• RECORDS SUPPLIED:
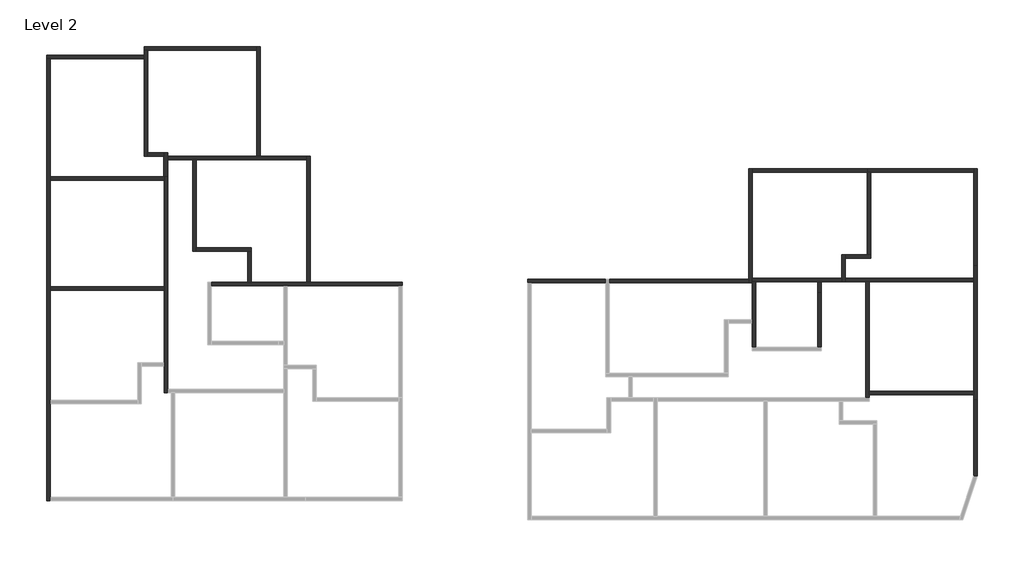
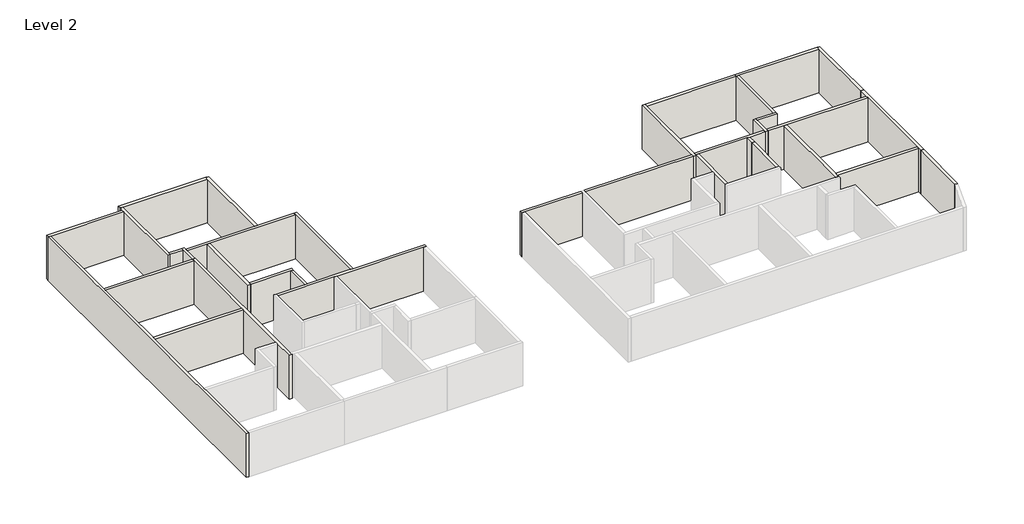
# One storey, part 2 of 2: 34 walls.
"""IFC4 building model written with IfcOpenShell, lengths in millimetres."""

from ifc_helpers import new_model, si_unit, frame, origin, place, context, project, spatial, polyline, outline, extrude, faceted_brep, element, save

model = new_model("IFC4")

# Units and contexts
model_context = context("Model", 3, world=origin())
ifc_project = project(units=[si_unit("LENGTHUNIT", "METRE", prefix="MILLI")], contexts=[model_context])

# Site, building, storey
site = spatial("IfcSite", under=ifc_project)
building = spatial("IfcBuilding", under=site)
storey = spatial("IfcBuildingStorey", under=building, Name="Level 2", Elevation=3000.0)

# Walls
placement = place(None, origin())
element("IfcWall", 1, ObjectType="Generic - 200mm", at=placement, inside=storey, context=model_context, shape_type="Brep", body=[
    faceted_brep([(24049.836337, 7619.475628, 3000.0), (24249.836337, 7619.475628, 3000.0), (30068.3425199, 7619.475628, 3000.0), (30068.3425199, 7619.475628, 6360.0), (24249.836337, 7619.475628, 6360.0), (24049.836337, 7619.475628, 6360.0), (24049.836337, 7819.475628, 3000.0), (24049.836337, 7819.475628, 6360.0), (30068.3425199, 7819.475628, 6360.0), (30068.3425199, 7819.475628, 3000.0)], [[[0, 1, 2, 3, 4, 5]], [[6, 7, 8, 9]], [[2, 1, 0, 6, 9]], [[5, 4, 3, 8, 7]], [[3, 2, 9, 8]], [[0, 5, 7, 6]]]),
])
element("IfcWall", 2, ObjectType="Generic - 200mm", at=placement, inside=storey, context=model_context, shape_type="Brep", body=[
    faceted_brep([(30068.3425199, 7819.475628, 3000.0), (30068.3425199, 7619.475628, 3000.0), (30068.3425199, 2319.475628, 3000.0), (30068.3425199, 2319.475628, 6360.0), (30068.3425199, 7619.475628, 6360.0), (30068.3425199, 7819.475628, 6360.0), (30268.3425199, 7819.475628, 3000.0), (30268.3425199, 7819.475628, 6360.0), (30268.3425199, 2319.475628, 6360.0), (30268.3425199, 2319.475628, 3000.0), (30117.9969803, 2319.475628, 3000.0), (30068.8612349, 2319.475628, 3000.0), (30068.8612349, 2319.475628, 6360.0)], [[[0, 1, 2, 3, 4, 5]], [[6, 7, 8, 9]], [[2, 1, 0, 6, 9, 10, 11]], [[3, 2, 11, 10, 9, 8, 12]], [[5, 4, 3, 12, 8, 7]], [[0, 5, 7, 6]]]),
])
element("IfcWall", 3, ObjectType="Generic - 200mm", at=placement, inside=storey, context=model_context, shape_type="Brep", body=[
    faceted_brep([(30068.8612349, 2319.475628, 3000.0), (30068.8612349, 1619.475628, 3000.0), (30068.8612349, 1419.475628, 3000.0), (30068.8612349, -4760.0098119, 3000.0), (30068.8612349, -4960.0098119, 3000.0), (30068.8612349, -5240.0098119, 3000.0), (30068.8612349, -5240.0098119, 6360.0), (30068.8612349, -4960.0098119, 6360.0), (30068.8612349, -4760.0098119, 6360.0), (30068.8612349, 1419.475628, 6360.0), (30068.8612349, 1619.475628, 6360.0), (30068.8612349, 2319.475628, 6360.0), (30268.8612349, 2319.475628, 3000.0), (30268.8612349, 2319.475628, 6360.0), (30268.8612349, -5240.0098119, 6360.0), (30268.8612349, -5240.0098119, 3000.0), (30118.5156953, 2319.475628, 3000.0), (30268.3425199, 2319.475628, 3000.0), (30118.5156953, -5240.0098119, 3000.0), (30069.3799498, -5240.0098119, 3000.0), (30069.3799498, -5240.0098119, 6360.0), (30268.3425199, 2319.475628, 6360.0)], [[[0, 1, 2, 3, 4, 5, 6, 7, 8, 9, 10, 11]], [[12, 13, 14, 15]], [[5, 4, 3, 2, 1, 0, 16, 17, 12, 15, 18, 19]], [[6, 5, 19, 18, 15, 14, 20]], [[11, 10, 9, 8, 7, 6, 20, 14, 13, 21]], [[0, 11, 21, 13, 12, 17, 16]]]),
])
element("IfcWall", 4, ObjectType="Generic - 200mm", at=placement, inside=storey, context=model_context, shape_type="Brep", body=[
    faceted_brep([(30069.3799498, -5240.0098119, 3000.0), (30069.3799498, -9543.0251929, 3000.0), (30069.3799498, -9543.0251929, 6360.0), (30069.3799498, -5240.0098119, 6360.0), (30269.3799498, -5240.0098119, 3000.0), (30269.3799498, -5240.0098119, 6360.0), (30269.3799498, -9575.863443, 6360.0), (30269.3799498, -9575.863443, 3000.0), (30119.0344102, -5240.0098119, 3000.0), (30268.8612349, -5240.0098119, 3000.0), (30268.8612349, -5240.0098119, 6360.0)], [[[0, 1, 2, 3]], [[4, 5, 6, 7]], [[1, 0, 8, 9, 4, 7]], [[3, 2, 6, 5, 10]], [[0, 3, 10, 5, 4, 9, 8]], [[2, 1, 7, 6]]]),
])
element("IfcWall", 5, ObjectType="Generic - 200mm", at=placement, inside=storey, context=model_context, shape_type="Brep", body=[
    faceted_brep([(24148.8612349, -5140.0098119, 3000.0), (24148.8612349, -4960.0098119, 3000.0), (24148.8612349, -4760.0098119, 3000.0), (24148.8612349, 1419.475628, 3000.0), (24148.8612349, 1419.475628, 6360.0), (24148.8612349, -4760.0098119, 6360.0), (24148.8612349, -4960.0098119, 6360.0), (24148.8612349, -5140.0098119, 6360.0), (23948.8612349, -5140.0098119, 3000.0), (23948.8612349, -5140.0098119, 6360.0), (23948.8612349, 1419.475628, 6360.0), (23948.8612349, 1419.475628, 3000.0)], [[[0, 1, 2, 3, 4, 5, 6, 7]], [[8, 9, 10, 11]], [[3, 2, 1, 0, 8, 11]], [[7, 6, 5, 4, 10, 9]], [[4, 3, 11, 10]], [[0, 7, 9, 8]]]),
])
element("IfcWall", 6, ObjectType="Generic - 200mm", at=placement, inside=storey, context=model_context, shape_type="Brep", body=[
    faceted_brep([(21249.836337, 799.475628, 3000.0), (21249.836337, -2276.2808257, 3000.0), (21249.836337, -2276.2808257, 6360.0), (21249.836337, 799.475628, 6360.0), (21449.836337, 799.475628, 3000.0), (21449.836337, 799.475628, 6360.0), (21449.836337, -2276.2808257, 6360.0), (21449.836337, -2276.2808257, 3000.0), (21299.4907974, 799.475628, 3000.0)], [[[0, 1, 2, 3]], [[4, 5, 6, 7]], [[1, 0, 8, 4, 7]], [[3, 2, 6, 5]], [[0, 3, 5, 4, 8]], [[2, 1, 7, 6]]]),
])
element("IfcWall", 7, ObjectType="Generic - 200mm", at=placement, inside=storey, context=model_context, shape_type="Brep", body=[
    faceted_brep([(17530.6041014, 1419.475628, 3000.0), (17530.6041014, -720.524372, 3000.0), (17530.6041014, -920.524372, 3000.0), (17530.6041014, -2276.2808257, 3000.0), (17530.6041014, -2276.2808257, 6360.0), (17530.6041014, -920.524372, 6360.0), (17530.6041014, -720.524372, 6360.0), (17530.6041014, 1419.475628, 6360.0), (17730.6041014, 1419.475628, 3000.0), (17730.6041014, 1419.475628, 6360.0), (17730.6041014, -2276.2808257, 6360.0), (17730.6041014, -2276.2808257, 3000.0)], [[[0, 1, 2, 3, 4, 5, 6, 7]], [[8, 9, 10, 11]], [[3, 2, 1, 0, 8, 11]], [[7, 6, 5, 4, 10, 9]], [[4, 3, 11, 10]], [[0, 7, 9, 8]]]),
])
element("IfcWall", 8, ObjectType="Generic - 200mm", at=placement, inside=storey, context=model_context, shape_type="Brep", body=[
    faceted_brep([(21449.836337, 799.475628, 3000.0), (21449.836337, 1419.475628, 3000.0), (21449.836337, 1419.475628, 6360.0), (21449.836337, 799.475628, 6360.0), (21249.836337, 799.475628, 3000.0), (21249.836337, 799.475628, 6360.0), (21249.836337, 1419.475628, 6360.0), (21249.836337, 1419.475628, 3000.0), (21299.4907974, 799.475628, 3000.0)], [[[0, 1, 2, 3]], [[4, 5, 6, 7]], [[1, 0, 8, 4, 7]], [[3, 2, 6, 5]], [[0, 3, 5, 4, 8]], [[2, 1, 7, 6]]]),
])
element("IfcWall", 9, ObjectType="Generic - 200mm", at=placement, inside=storey, context=model_context, shape_type="SweptSolid", body=[
    extrude(outline(polyline([(24049.836337, 7619.475628), (17528.8612349, 7619.475628), (17528.8612349, 7819.475628), (24049.836337, 7819.475628), (24049.836337, 7619.475628)])), frame((0.0, 0.0, 3000.0), z_axis=(0.0, 0.0, 1.0), x_axis=(1.0, 0.0, 0.0)), (0.0, 0.0, 1.0), 3360.0),
])
element("IfcWall", 10, ObjectType="Generic - 200mm", at=placement, inside=storey, context=model_context, shape_type="Brep", body=[
    faceted_brep([(22789.836337, 1419.475628, 3000.0), (22789.836337, 1619.475628, 3000.0), (22789.836337, 2754.475628, 3000.0), (22789.836337, 2954.475628, 3000.0), (22789.836337, 2954.475628, 6360.0), (22789.836337, 2754.475628, 6360.0), (22789.836337, 1619.475628, 6360.0), (22789.836337, 1419.475628, 6360.0), (22589.836337, 1419.475628, 3000.0), (22589.836337, 1419.475628, 6360.0), (22589.836337, 1619.475628, 6360.0), (22589.836337, 2954.475628, 6360.0), (22589.836337, 2954.475628, 3000.0), (22589.836337, 1619.475628, 3000.0)], [[[0, 1, 2, 3, 4, 5, 6, 7]], [[8, 9, 10, 11, 12, 13]], [[3, 2, 1, 0, 8, 13, 12]], [[7, 6, 5, 4, 11, 10, 9]], [[0, 7, 9, 8]], [[4, 3, 12, 11]]]),
])
element("IfcWall", 11, ObjectType="Generic - 200mm", at=placement, inside=storey, context=model_context, shape_type="Brep", body=[
    faceted_brep([(17328.8612349, 7819.475628, 3000.0), (17328.8612349, 1579.475628, 3000.0), (17328.8612349, 1379.475628, 3000.0), (17328.8612349, 1379.475628, 6360.0), (17328.8612349, 1579.475628, 6360.0), (17328.8612349, 7819.475628, 6360.0), (17528.8612349, 7819.475628, 3000.0), (17528.8612349, 7819.475628, 6360.0), (17528.8612349, 7619.475628, 6360.0), (17528.8612349, 1619.475628, 6360.0), (17528.8612349, 1419.475628, 6360.0), (17528.8612349, 1379.475628, 6360.0), (17528.8612349, 1379.475628, 3000.0), (17528.8612349, 1419.475628, 3000.0), (17528.8612349, 1619.475628, 3000.0), (17528.8612349, 7619.475628, 3000.0)], [[[0, 1, 2, 3, 4, 5]], [[6, 7, 8, 9, 10, 11, 12, 13, 14, 15]], [[2, 1, 0, 6, 15, 14, 13, 12]], [[5, 4, 3, 11, 10, 9, 8, 7]], [[0, 5, 7, 6]], [[3, 2, 12, 11]]]),
])
element("IfcWall", 12, ObjectType="Generic - 200mm", at=placement, inside=storey, context=model_context, shape_type="Brep", body=[
    faceted_brep([(22789.836337, 1419.475628, 3000.0), (23948.8612349, 1419.475628, 3000.0), (24148.8612349, 1419.475628, 3000.0), (30068.8612349, 1419.475628, 3000.0), (30068.8612349, 1419.475628, 6360.0), (24148.8612349, 1419.475628, 6360.0), (23948.8612349, 1419.475628, 6360.0), (22789.836337, 1419.475628, 6360.0), (22789.836337, 1619.475628, 3000.0), (22789.836337, 1619.475628, 6360.0), (30068.8612349, 1619.475628, 6360.0), (30068.8612349, 1619.475628, 3000.0)], [[[0, 1, 2, 3, 4, 5, 6, 7]], [[8, 9, 10, 11]], [[3, 2, 1, 0, 8, 11]], [[7, 6, 5, 4, 10, 9]], [[4, 3, 11, 10]], [[0, 7, 9, 8]]]),
])
element("IfcWall", 13, ObjectType="Generic - 200mm", at=placement, inside=storey, context=model_context, shape_type="SweptSolid", body=[
    extrude(outline(polyline([(9468.8612349, 1579.475628), (17328.8612349, 1579.475628), (17328.8612349, 1379.475628), (9468.8612349, 1379.475628), (9468.8612349, 1579.475628)])), frame((0.0, 0.0, 3000.0), z_axis=(0.0, 0.0, 1.0), x_axis=(1.0, 0.0, 0.0)), (0.0, 0.0, 1.0), 3360.0),
])
element("IfcWall", 14, ObjectType="Generic - 200mm", at=placement, inside=storey, context=model_context, shape_type="Brep", body=[
    faceted_brep([(22589.836337, 1619.475628, 3000.0), (17528.8612349, 1619.475628, 3000.0), (17528.8612349, 1619.475628, 6360.0), (22589.836337, 1619.475628, 6360.0), (22589.836337, 1419.475628, 3000.0), (22589.836337, 1419.475628, 6360.0), (21449.836337, 1419.475628, 6360.0), (21249.836337, 1419.475628, 6360.0), (17730.6041014, 1419.475628, 6360.0), (17530.6041014, 1419.475628, 6360.0), (17528.8612349, 1419.475628, 6360.0), (17528.8612349, 1419.475628, 3000.0), (17530.6041014, 1419.475628, 3000.0), (17730.6041014, 1419.475628, 3000.0), (21249.836337, 1419.475628, 3000.0), (21449.836337, 1419.475628, 3000.0)], [[[0, 1, 2, 3]], [[4, 5, 6, 7, 8, 9, 10, 11, 12, 13, 14, 15]], [[1, 0, 4, 15, 14, 13, 12, 11]], [[3, 2, 10, 9, 8, 7, 6, 5]], [[0, 3, 5, 4]], [[2, 1, 11, 10]]]),
])
element("IfcWall", 15, ObjectType="Generic - 200mm", at=placement, inside=storey, context=model_context, shape_type="Brep", body=[
    faceted_brep([(22789.836337, 2754.475628, 3000.0), (24249.836337, 2754.475628, 3000.0), (24249.836337, 2754.475628, 6360.0), (22789.836337, 2754.475628, 6360.0), (22789.836337, 2954.475628, 3000.0), (22789.836337, 2954.475628, 6360.0), (24049.836337, 2954.475628, 6360.0), (24249.836337, 2954.475628, 6360.0), (24249.836337, 2954.475628, 3000.0), (24049.836337, 2954.475628, 3000.0)], [[[0, 1, 2, 3]], [[4, 5, 6, 7, 8, 9]], [[1, 0, 4, 9, 8]], [[3, 2, 7, 6, 5]], [[2, 1, 8, 7]], [[0, 3, 5, 4]]]),
])
element("IfcWall", 16, ObjectType="Generic - 200mm", at=placement, inside=storey, context=model_context, shape_type="SweptSolid", body=[
    extrude(outline(polyline([(24249.836337, 7619.475628), (24249.836337, 2954.475628), (24049.836337, 2954.475628), (24049.836337, 7619.475628), (24249.836337, 7619.475628)])), frame((0.0, 0.0, 3000.0), z_axis=(0.0, 0.0, 1.0), x_axis=(1.0, 0.0, 0.0)), (0.0, 0.0, 1.0), 3360.0),
])
element("IfcWall", 17, ObjectType="Generic - 200mm", at=placement, inside=storey, context=model_context, shape_type="SweptSolid", body=[
    extrude(outline(polyline([(30068.8612349, -4960.0098119), (24148.8612349, -4960.0098119), (24148.8612349, -4760.0098119), (30068.8612349, -4760.0098119), (30068.8612349, -4960.0098119)])), frame((0.0, 0.0, 3000.0), z_axis=(0.0, 0.0, 1.0), x_axis=(1.0, 0.0, 0.0)), (0.0, 0.0, 1.0), 3360.0),
])
element("IfcWall", 18, ObjectType="Generic - 200mm", at=placement, inside=storey, context=model_context, shape_type="SweptSolid", body=[
    extrude(outline(polyline([(-15689.8304233, 949.8621849), (-22146.5113948, 949.8621849), (-22146.5113948, 1149.8621849), (-15689.8304233, 1149.8621849), (-15689.8304233, 949.8621849)])), frame((0.0, 0.0, 3000.0), z_axis=(0.0, 0.0, 1.0), x_axis=(1.0, 0.0, 0.0)), (0.0, 0.0, 1.0), 3360.0),
])
element("IfcWall", 19, ObjectType="Generic - 200mm", at=placement, inside=storey, context=model_context, shape_type="Brep", body=[
    faceted_brep([(-22146.5113948, -10959.6814279, 3000.0), (-22146.5113948, -10759.6814279, 3000.0), (-22146.5113948, -5479.1627129, 3000.0), (-22146.5113948, -5279.1627129, 3000.0), (-22146.5113948, 949.8621849, 3000.0), (-22146.5113948, 1149.8621849, 3000.0), (-22146.5113948, 7149.8621849, 3000.0), (-22146.5113948, 7349.8621849, 3000.0), (-22146.5113948, 14029.8621849, 3000.0), (-22146.5113948, 14029.8621849, 6360.0), (-22146.5113948, 7349.8621849, 6360.0), (-22146.5113948, 7149.8621849, 6360.0), (-22146.5113948, 1149.8621849, 6360.0), (-22146.5113948, 949.8621849, 6360.0), (-22146.5113948, -5279.1627129, 6360.0), (-22146.5113948, -5479.1627129, 6360.0), (-22146.5113948, -10759.6814279, 6360.0), (-22146.5113948, -10959.6814279, 6360.0), (-22346.5113948, -10959.6814279, 3000.0), (-22346.5113948, -10959.6814279, 6360.0), (-22346.5113948, 14029.8621849, 6360.0), (-22346.5113948, 14029.8621849, 3000.0)], [[[0, 1, 2, 3, 4, 5, 6, 7, 8, 9, 10, 11, 12, 13, 14, 15, 16, 17]], [[18, 19, 20, 21]], [[8, 7, 6, 5, 4, 3, 2, 1, 0, 18, 21]], [[17, 16, 15, 14, 13, 12, 11, 10, 9, 20, 19]], [[9, 8, 21, 20]], [[0, 17, 19, 18]]]),
])
element("IfcWall", 20, ObjectType="Generic - 200mm", at=placement, inside=storey, context=model_context, shape_type="Brep", body=[
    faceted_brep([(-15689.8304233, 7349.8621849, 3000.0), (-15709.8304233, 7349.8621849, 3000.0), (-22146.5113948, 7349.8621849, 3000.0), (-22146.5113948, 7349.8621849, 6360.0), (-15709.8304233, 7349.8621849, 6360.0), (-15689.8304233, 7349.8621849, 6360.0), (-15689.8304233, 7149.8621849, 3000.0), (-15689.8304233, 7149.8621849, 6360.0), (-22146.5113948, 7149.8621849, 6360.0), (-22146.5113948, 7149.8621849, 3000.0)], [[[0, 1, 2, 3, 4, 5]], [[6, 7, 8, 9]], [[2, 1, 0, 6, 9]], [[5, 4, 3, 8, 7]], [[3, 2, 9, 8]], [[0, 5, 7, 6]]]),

• TASK INSTRUCTIONS:
Lines with the word "contexts" in them should be copied from the preceding records.

• OUTPUT BELOW:
# Units and contexts
ifc_project = project(units=[si_unit("LENGTHUNIT", "METRE", prefix="MILLI")], contexts=[model_context])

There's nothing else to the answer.